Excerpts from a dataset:
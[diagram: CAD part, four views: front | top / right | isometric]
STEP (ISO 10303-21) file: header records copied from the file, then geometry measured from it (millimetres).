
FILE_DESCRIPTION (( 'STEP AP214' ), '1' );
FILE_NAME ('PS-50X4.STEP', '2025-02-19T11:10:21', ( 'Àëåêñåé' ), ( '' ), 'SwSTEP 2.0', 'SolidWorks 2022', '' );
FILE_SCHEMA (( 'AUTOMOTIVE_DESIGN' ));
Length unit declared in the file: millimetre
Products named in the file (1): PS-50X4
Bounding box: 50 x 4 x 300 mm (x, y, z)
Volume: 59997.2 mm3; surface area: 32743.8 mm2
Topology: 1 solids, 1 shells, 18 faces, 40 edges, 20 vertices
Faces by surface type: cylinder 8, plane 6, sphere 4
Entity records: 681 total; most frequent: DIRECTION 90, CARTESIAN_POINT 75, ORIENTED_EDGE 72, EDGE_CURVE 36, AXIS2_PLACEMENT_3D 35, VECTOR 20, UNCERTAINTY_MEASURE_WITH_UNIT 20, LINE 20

Exercise brief:
Return each line of the data above verbatim.

Response below:
[diagram: CAD part, four views: front | top / right | isometric]
STEP (ISO 10303-21) file: header records copied from the file, then geometry measured from it (millimetres).
FILE_DESCRIPTION (( 'STEP AP214' ), '1' );
FILE_NAME ('PS-50X4.STEP', '2025-02-19T11:10:21', ( 'Àëåêñåé' ), ( '' ), 'SwSTEP 2.0', 'SolidWorks 2022', '' );
FILE_SCHEMA (( 'AUTOMOTIVE_DESIGN' ));
Length unit declared in the file: millimetre
Products named in the file (1): PS-50X4
Bounding box: 50 x 4 x 300 mm (x, y, z)
Volume: 59997.2 mm3; surface area: 32743.8 mm2
Topology: 1 solids, 1 shells, 18 faces, 40 edges, 20 vertices
Faces by surface type: cylinder 8, plane 6, sphere 4
Entity records: 681 total; most frequent: DIRECTION 90, CARTESIAN_POINT 75, ORIENTED_EDGE 72, EDGE_CURVE 36, AXIS2_PLACEMENT_3D 35, VECTOR 20, UNCERTAINTY_MEASURE_WITH_UNIT 20, LINE 20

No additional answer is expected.